1. Field of the Invention
This invention relates to the field of level shifter circuits for use between voltage domains, such as, for example, different voltage domains within an integrated circuit.
2. Description of the Prior Art
A level shifter circuit is used when there is a need to pass signals from one voltage domain to a different voltage domain. Typically, such multiple domain arrangements were not used in high performance systems due to the increased complexity and the relatively long latency which is associated with level shifter circuits.
A trend within integrated circuits is the increasingly common use of embedded SRAM memory. With the reduction in size of process geometries, such SRAM cells are becoming less stable. In order to enhance the stability of SRAM provided on-chip, and still achieve low power for the processor, there is an increasing need for the SRAM and the processor to use different voltage supplies from different domains. As an example, embedded SRAM may use a higher voltage supply to guarantee state retention whilst the rest of the system including the processor may use a lower voltage supply to reduce power consumption. In order to maintain the performance of the processor, and to reduce switching power, level shifters are provided to pass signals between these domains. These level shifters should have a low latency and a low switching (crow-bar) power. Such level shifters should also have a low circuit area overhead.
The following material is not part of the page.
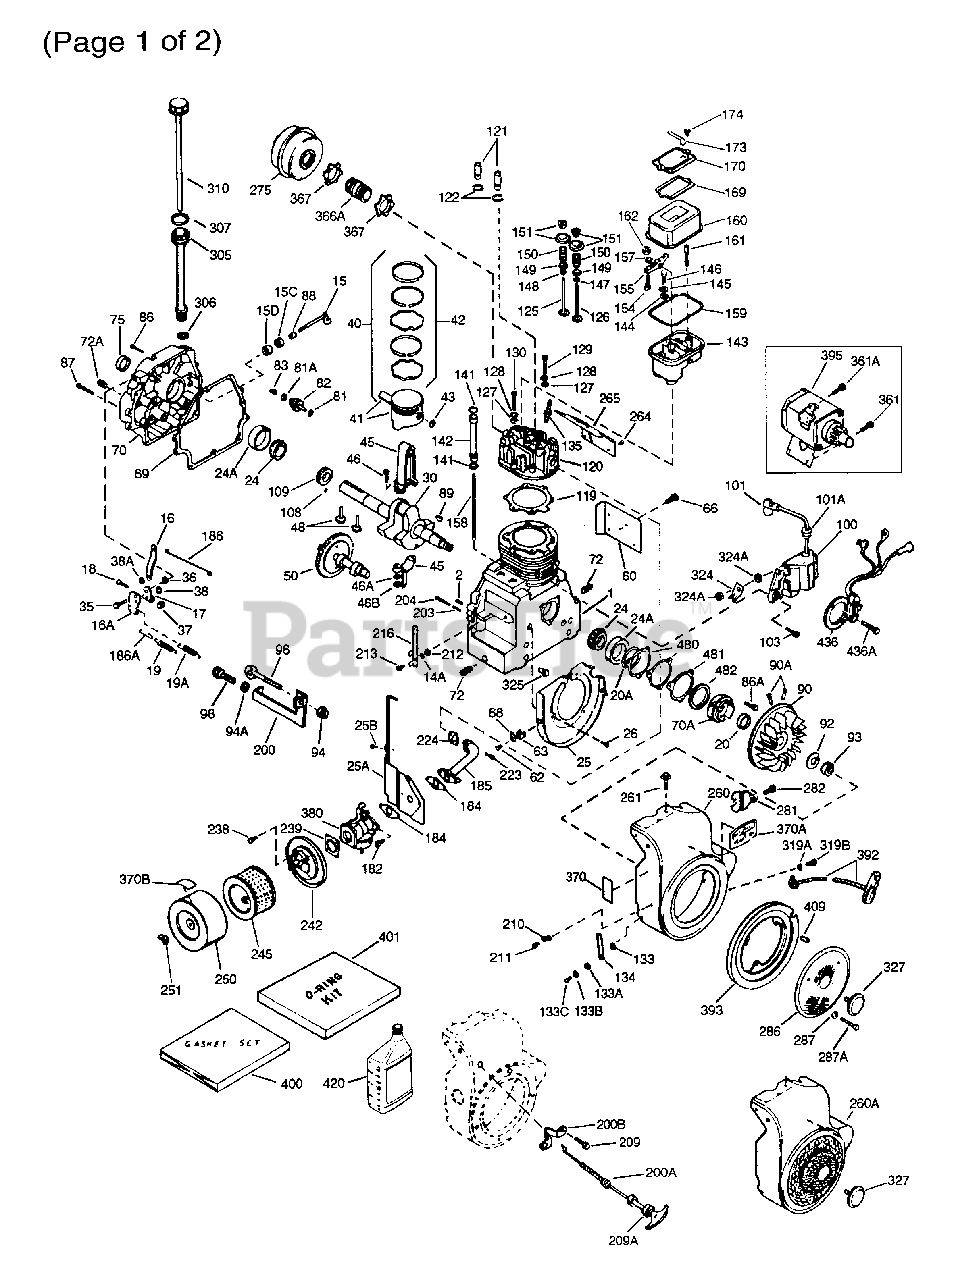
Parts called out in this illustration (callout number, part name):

FIG. 1 of the accompanying drawings schematically illustrates the basic concept of a level shifter circuit. This comprises a first inverter 2 operating in a low voltage domain and a second inverter 4 operating in a high voltage domain. A problem with this simple arrangement is that the desirable situation of a low static power consumption is difficult to achieve within the second inverter 4 since the signal from the first inverter 2 at the VDD level of the first domain is ineffective at completely switching off the transistors within the second inverter 4 given its higher VDD level. In addition, the current during switching of the second inverter 4 is undesirably high.
FIG. 2 of the accompanying drawings shows a known level shifter seeking to address some of the limitations of the level shifter of FIG. 1. In this level shifter circuit, a feedback PMOS 6 is provided to boost the voltage at node 8 to the value of the HighVDD. This provides a reasonable solution to limiting the power consumption. However, the circuit of FIG. 2 suffers from a limited range of voltage level shifting within which it may operate since the input inverter 10 may not be strong enough to overcome the action of the feedback PMOS 6 if the low voltage domain is operating at a significantly lower VDD level than the high voltage domain. In addition, the operational range of this level shifter circuit depends upon process variation concerning the PMOS to NMOS ratio. Furthermore, the latency of the level shifter circuit can vary significantly based upon the process variation and the range of VDD being switched between.
FIG. 3 illustrates a possible enhancement over the circuit of FIG. 2. In this circuit a pair or cross-coupled PMOS transistors 12, 14 is used to provide a feedback circuit to boost the voltage at node 16 to the HighVDD level when appropriate. When the input to the level shifter circuit 20 is a “1”, the NMOS transistor 8 will turn on and in turn force the voltage at node 16 low. This turns on PMOS transistor 14, which turns off PMOS transistor 12 and then drives a high value of “1” out through the inverter 22. When the input to the NMOS transistor 18 is a “0”, the inverter 24 will switch its output to a “1”, which in turn will switch on the NMOS transistor 26, switch on the PMOS transistor 12, drive the node 16 to the full voltage of the high VDD domain via the PMOS transistor 12 and switch off the PMOS transistor 14. The high voltage level at node 16 will be inverted by the inverter 22 and result in a output value of “0” being drive out from the inverter 22. A significant disadvantage of the circuit of FIG. 3 is that it has a disadvantageously long latency since it is necessary when the input is changed to a “0” for this change to propagate through four levels of transistors, namely through inverter 24, NMOS transistor 26, PMOS transistor 12 and inverter 22.